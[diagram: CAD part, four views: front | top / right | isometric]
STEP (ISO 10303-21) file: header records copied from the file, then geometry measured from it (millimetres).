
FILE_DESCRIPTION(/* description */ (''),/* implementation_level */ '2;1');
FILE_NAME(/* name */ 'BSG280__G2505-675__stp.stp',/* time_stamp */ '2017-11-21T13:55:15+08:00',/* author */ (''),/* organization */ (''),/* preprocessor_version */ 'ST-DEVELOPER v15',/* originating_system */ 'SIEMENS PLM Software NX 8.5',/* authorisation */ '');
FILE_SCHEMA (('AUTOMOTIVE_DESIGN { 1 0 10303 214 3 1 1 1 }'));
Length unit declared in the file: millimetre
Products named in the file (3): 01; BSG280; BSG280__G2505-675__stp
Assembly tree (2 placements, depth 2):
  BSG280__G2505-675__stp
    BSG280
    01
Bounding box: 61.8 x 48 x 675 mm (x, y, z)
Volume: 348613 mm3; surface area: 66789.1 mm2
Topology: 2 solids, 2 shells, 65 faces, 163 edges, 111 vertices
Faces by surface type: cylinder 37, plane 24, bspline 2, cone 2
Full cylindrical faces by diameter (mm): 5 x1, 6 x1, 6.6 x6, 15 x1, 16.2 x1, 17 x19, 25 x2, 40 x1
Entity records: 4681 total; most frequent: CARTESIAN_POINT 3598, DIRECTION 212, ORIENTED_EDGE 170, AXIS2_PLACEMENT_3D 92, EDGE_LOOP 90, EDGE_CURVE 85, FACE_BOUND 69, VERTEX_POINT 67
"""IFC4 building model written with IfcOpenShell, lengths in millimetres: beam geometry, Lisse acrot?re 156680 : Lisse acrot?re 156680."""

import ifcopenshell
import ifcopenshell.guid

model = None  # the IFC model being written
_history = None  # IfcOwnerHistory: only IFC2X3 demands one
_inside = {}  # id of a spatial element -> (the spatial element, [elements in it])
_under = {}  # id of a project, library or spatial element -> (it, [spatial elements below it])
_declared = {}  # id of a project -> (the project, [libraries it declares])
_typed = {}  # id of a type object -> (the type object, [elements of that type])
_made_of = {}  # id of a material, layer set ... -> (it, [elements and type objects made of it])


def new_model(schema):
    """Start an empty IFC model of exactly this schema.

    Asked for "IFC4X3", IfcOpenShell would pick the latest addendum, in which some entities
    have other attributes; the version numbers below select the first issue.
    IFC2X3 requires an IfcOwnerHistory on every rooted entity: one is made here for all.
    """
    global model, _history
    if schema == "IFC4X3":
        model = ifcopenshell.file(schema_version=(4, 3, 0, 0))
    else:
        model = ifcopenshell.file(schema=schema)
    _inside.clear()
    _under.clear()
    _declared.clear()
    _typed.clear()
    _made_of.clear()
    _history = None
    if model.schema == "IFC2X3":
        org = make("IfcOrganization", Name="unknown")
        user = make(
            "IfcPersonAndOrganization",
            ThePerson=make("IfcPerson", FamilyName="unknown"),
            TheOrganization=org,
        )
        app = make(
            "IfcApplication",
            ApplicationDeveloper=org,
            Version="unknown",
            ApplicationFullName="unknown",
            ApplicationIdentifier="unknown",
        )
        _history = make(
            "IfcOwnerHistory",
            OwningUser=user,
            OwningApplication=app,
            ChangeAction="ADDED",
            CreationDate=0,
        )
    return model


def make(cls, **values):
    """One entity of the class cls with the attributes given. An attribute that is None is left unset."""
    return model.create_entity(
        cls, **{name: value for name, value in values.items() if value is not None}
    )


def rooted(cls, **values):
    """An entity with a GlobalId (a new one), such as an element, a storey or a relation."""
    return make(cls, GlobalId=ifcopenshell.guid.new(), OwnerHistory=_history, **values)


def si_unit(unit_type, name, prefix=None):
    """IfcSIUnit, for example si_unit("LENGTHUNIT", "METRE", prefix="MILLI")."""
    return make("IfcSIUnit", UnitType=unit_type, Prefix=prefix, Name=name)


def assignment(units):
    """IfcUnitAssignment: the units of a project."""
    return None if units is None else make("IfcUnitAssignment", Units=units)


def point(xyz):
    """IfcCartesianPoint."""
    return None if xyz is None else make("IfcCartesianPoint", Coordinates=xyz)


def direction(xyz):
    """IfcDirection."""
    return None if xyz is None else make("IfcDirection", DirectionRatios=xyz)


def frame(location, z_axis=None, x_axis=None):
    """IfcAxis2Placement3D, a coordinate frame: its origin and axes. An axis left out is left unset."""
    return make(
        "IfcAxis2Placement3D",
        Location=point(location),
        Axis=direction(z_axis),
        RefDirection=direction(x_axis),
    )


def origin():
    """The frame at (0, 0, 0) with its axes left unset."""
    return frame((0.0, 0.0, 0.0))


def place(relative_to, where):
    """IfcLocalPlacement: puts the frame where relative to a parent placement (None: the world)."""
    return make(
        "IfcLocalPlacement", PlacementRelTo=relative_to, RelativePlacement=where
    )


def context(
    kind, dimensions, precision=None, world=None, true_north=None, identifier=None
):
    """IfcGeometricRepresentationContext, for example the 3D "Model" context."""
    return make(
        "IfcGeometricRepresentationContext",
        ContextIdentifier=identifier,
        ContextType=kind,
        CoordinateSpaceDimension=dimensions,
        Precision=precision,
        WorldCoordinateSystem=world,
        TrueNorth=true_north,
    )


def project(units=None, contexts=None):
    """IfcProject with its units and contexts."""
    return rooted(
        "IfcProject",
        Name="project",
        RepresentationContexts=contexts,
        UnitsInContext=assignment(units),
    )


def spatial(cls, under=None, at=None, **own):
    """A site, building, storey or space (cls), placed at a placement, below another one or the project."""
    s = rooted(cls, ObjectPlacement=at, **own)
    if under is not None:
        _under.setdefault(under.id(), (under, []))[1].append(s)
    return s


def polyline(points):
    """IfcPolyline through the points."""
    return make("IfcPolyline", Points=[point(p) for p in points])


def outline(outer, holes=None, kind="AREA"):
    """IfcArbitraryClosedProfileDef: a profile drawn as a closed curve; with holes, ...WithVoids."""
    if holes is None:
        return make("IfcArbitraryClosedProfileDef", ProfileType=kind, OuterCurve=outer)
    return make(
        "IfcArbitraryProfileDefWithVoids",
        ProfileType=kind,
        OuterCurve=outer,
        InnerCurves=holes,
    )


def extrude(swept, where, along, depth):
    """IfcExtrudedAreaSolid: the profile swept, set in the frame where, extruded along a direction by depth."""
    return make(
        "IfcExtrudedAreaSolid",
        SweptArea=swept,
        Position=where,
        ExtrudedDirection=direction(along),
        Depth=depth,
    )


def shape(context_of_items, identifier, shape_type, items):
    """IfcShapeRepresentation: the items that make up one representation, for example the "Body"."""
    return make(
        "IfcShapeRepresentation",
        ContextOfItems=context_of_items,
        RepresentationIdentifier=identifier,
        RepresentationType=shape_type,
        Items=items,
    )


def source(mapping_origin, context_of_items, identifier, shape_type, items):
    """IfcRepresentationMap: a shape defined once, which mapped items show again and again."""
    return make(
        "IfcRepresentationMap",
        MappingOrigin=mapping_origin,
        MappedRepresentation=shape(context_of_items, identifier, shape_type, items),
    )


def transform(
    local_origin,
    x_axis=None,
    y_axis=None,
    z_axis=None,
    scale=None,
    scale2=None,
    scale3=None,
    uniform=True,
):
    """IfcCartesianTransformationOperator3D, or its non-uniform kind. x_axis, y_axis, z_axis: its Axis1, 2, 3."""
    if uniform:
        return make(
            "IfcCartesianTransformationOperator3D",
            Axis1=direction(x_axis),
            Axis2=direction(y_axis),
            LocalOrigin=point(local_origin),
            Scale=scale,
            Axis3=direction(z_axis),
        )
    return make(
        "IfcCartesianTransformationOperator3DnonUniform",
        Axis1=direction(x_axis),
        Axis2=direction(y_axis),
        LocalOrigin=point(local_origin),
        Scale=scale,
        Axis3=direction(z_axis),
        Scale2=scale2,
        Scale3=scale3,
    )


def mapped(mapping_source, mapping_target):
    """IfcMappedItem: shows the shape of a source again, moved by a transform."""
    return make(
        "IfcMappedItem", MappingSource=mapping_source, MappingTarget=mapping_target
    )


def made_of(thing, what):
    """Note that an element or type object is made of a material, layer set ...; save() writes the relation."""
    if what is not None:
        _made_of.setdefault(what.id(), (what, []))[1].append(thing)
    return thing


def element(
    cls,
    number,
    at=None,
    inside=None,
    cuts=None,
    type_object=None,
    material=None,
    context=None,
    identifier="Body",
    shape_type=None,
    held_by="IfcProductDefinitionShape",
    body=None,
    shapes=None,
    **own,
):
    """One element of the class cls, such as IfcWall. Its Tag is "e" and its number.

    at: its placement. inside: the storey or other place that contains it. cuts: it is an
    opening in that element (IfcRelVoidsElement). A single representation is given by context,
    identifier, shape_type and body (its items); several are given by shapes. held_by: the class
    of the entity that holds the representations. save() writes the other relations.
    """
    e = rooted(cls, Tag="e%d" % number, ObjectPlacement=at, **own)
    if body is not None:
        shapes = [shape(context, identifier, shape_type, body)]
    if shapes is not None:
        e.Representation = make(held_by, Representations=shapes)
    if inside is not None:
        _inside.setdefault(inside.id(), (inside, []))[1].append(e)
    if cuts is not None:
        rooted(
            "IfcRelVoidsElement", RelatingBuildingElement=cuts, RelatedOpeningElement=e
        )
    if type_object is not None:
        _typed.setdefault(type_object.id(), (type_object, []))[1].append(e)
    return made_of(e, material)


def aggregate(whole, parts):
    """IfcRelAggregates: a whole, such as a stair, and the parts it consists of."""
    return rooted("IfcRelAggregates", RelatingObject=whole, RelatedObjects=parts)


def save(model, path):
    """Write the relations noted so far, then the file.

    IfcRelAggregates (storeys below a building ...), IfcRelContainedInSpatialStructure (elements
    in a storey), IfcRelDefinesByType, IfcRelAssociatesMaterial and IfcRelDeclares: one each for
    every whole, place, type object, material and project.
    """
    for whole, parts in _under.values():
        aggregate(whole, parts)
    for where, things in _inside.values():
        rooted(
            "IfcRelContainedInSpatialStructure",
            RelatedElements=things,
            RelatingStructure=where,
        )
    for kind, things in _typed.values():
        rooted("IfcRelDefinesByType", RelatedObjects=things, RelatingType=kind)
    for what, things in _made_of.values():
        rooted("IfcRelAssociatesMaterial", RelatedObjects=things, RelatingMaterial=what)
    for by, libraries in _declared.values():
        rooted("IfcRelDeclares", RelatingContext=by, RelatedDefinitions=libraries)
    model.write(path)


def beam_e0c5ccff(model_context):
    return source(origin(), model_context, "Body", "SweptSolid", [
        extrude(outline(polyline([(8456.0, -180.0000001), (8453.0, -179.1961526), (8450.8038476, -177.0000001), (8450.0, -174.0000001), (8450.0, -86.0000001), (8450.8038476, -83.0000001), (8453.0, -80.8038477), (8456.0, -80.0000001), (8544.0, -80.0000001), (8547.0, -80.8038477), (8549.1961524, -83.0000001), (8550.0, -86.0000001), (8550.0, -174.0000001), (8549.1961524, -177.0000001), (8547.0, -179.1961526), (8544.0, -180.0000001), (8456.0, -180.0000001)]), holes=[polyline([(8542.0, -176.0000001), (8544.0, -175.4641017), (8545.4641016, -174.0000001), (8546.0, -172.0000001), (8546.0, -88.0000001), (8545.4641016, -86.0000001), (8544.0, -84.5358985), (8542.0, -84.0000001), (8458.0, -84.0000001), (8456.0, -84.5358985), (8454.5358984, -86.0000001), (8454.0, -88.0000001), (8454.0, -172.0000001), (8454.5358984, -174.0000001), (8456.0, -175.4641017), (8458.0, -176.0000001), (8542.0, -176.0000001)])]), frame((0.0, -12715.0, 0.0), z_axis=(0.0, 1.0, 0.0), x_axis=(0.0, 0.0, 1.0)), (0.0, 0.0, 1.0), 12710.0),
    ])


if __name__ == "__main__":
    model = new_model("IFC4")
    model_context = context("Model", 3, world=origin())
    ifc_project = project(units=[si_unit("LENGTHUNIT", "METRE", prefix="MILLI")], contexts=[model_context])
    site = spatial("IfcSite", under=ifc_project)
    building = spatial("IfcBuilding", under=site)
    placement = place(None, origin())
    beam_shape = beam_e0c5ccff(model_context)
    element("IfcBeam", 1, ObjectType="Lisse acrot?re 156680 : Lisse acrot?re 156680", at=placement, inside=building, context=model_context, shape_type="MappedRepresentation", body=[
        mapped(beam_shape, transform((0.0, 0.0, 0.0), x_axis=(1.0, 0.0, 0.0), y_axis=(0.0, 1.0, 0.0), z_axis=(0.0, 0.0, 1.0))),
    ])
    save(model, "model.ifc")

☆ ☆ ☆

* EXERCISE OBJECTIVE: Filter the data above, keeping only lines that include the string "append".

* EXERCISE OUTPUT:
        _under.setdefault(under.id(), (under, []))[1].append(s)
        _made_of.setdefault(what.id(), (what, []))[1].append(thing)
        _inside.setdefault(inside.id(), (inside, []))[1].append(e)
        _typed.setdefault(type_object.id(), (type_object, []))[1].append(e)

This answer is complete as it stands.